Many grave monuments are hard to read - here are a few tips for indexing them.
If you have a different tip, please let us know.
Look at adjacent monuments:
Often, particularly in churchyards, graves are in family groups.
Therefore, if you cannot initially read a monument, you may find that once you see a name on an adjacent one the name stands out on all of them.
If you can only read parts of words then write them down and then see if you can work out the name.
Negative and grey scale technique:
If you have photo editing software that has a negative or grey scale option then use this and with luck the text will be clearer to read.
Make use of a published Monumental Inscriptions List:
These are now available from most Local History and Family History Associations, and if not published on CDs the bound and typescript copies are to be found in Reference Libraries.
While full of mistakes and omissions, they have the advantage that many were compiled years ago when the monuments were more legible.
For a headstone which is only partly decipherable use a MI List for the bits you cannot quite make out.
But keep an eye open for howlers, like repeatedly using "Mary" for "Margaret" because the compiler probably used the abbreviation "Marg" and in scribble it might have looked like "Mary" to the typist who transcribed it.
If it is a church burial ground, confirm names and dates with the parish register.
Most parish registers are now lodged with the local library or archive.
Often the actual registers are not available for viewing, instead fiche copies can be used.

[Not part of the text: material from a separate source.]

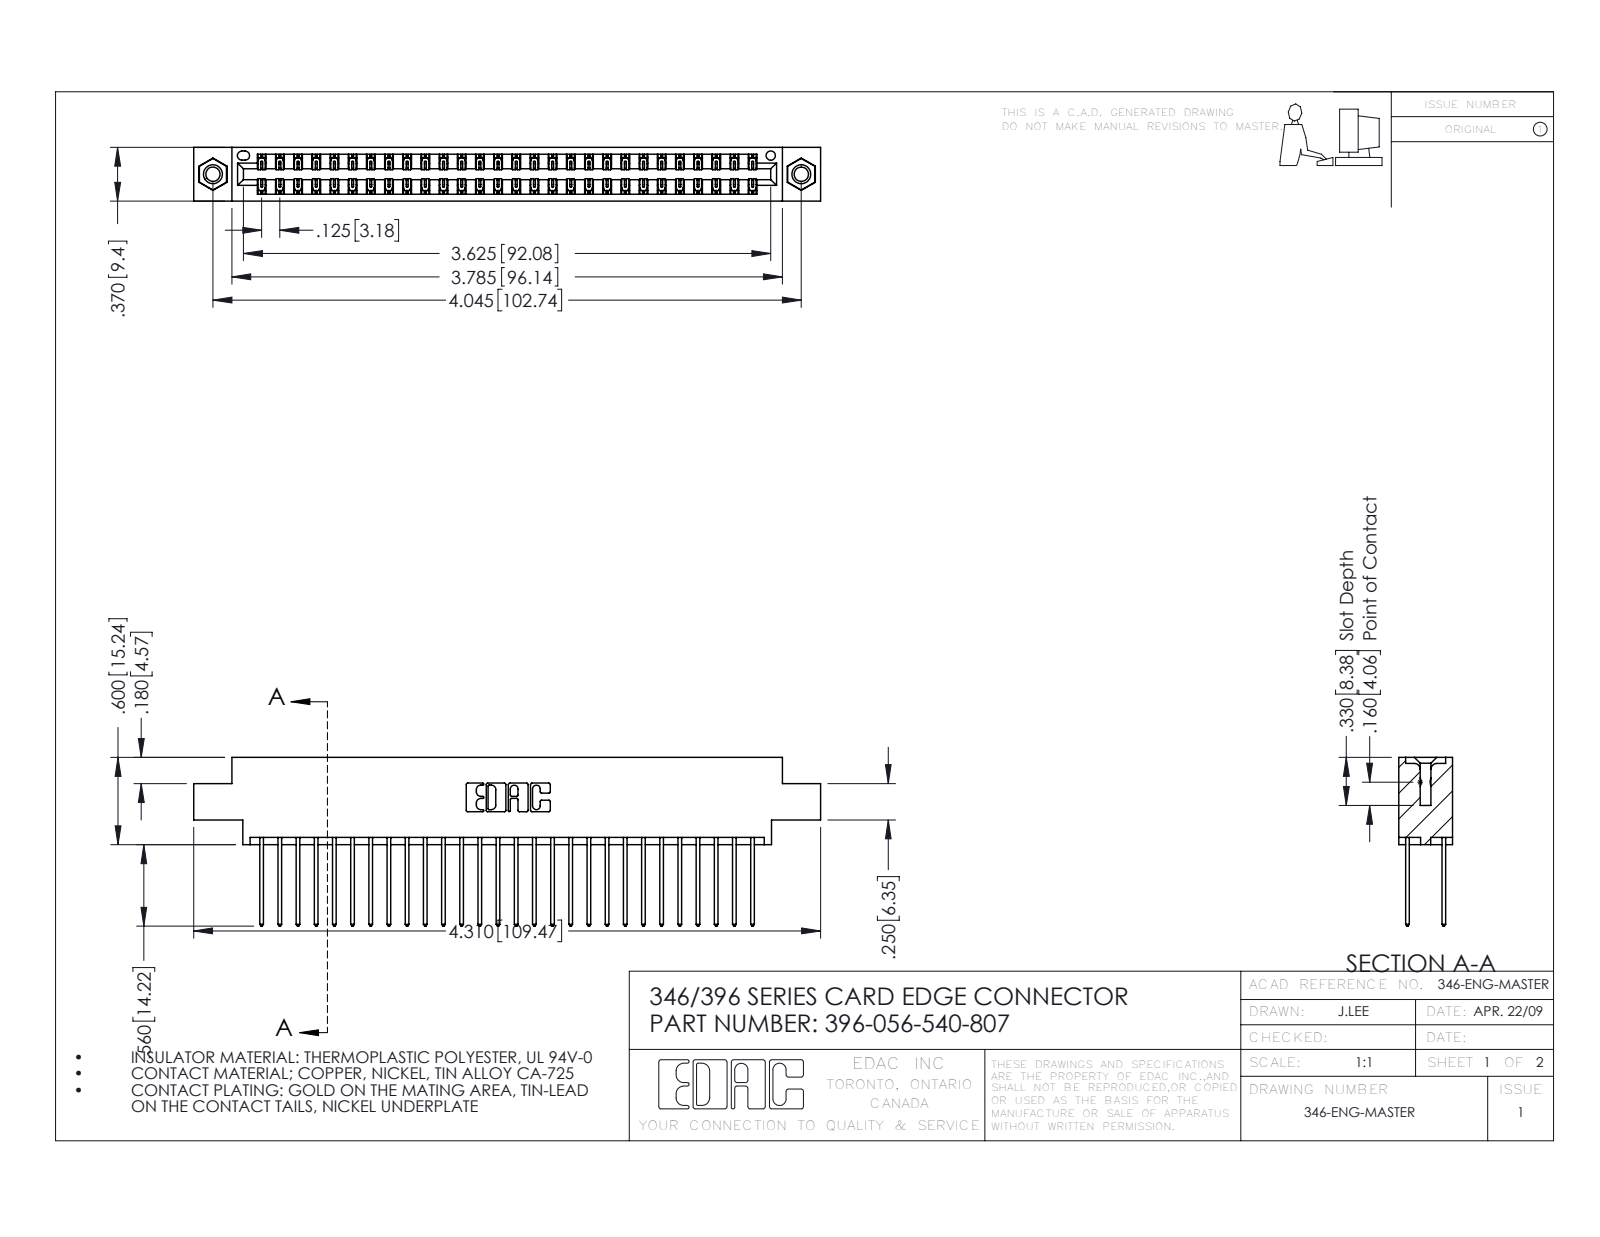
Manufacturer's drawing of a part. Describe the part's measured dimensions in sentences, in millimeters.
The part is named "345-292-001_345-293-140; 346 Part_0.170 Offset - 0.156 Dia-TI; 345-250-001_345-250-005-103; 396-056-540-807". Its 3-D file was written by "SolidWorks 2016 (CONFIG_CONTROL_DESIGN)". It is 59 solids with 3098 faces: 2072 planar, 1010 cylindrical and 16 other. Overall it measures 109.5 by 29.5 by 9.4 millimeters. Its volume is 10 600 cubic millimeters and its surface area 15 580 square millimeters. Round holes: 2 of diameter 2.5, 2 of diameter 3.2, 2 of diameter 4, 1 of diameter 1.6. Round bosses or shafts: 2 of diameter 3.9. Partial cylindrical surfaces (rounded edges, fillets, slot ends): 84 of radius 0.2, 56 of radius 0.3, 22 of radius 0.3, 6 of radius 0.2, 6 of radius 0.8, 3 of radius 0.7, 2 of radius 0.4, 2 of radius 0.6. The main face-to-face distances are 1.2, 8.2, 6.4, 9.4, 1.8, 7.6, 0.6, 7, 5.6, 3.8. The hole center spacings are 6.2, 97.5, 102.7.

If it is a municipal cemetery, confirm names and dates with their records.
Many municipalities now publish there cemetery records on their website.
To find their web address use either Google or the Oultwood local government web index.
The Oultwood index can be useful if you are not sure which local authority covers a particular cemetery.
Confirm names and dates using Free BMD:
Confirm names and dates using Free BMD if the year is from 1837 onwards.
It can be really useful when not quite sure of a name or date - see: http://freebmd.rootsweb.com/
Check which relationship codes are available
An extensive list of relationship codes is available on the website.
Be aware that the relationship listed on the grave monument often does not refer to the person mentioned first on the monument.
Check for a "hidden" maiden name
If a man's daughter or sister is listed with a different surname then this most likely means that the woman is married and can be given the man's surname as her maiden name.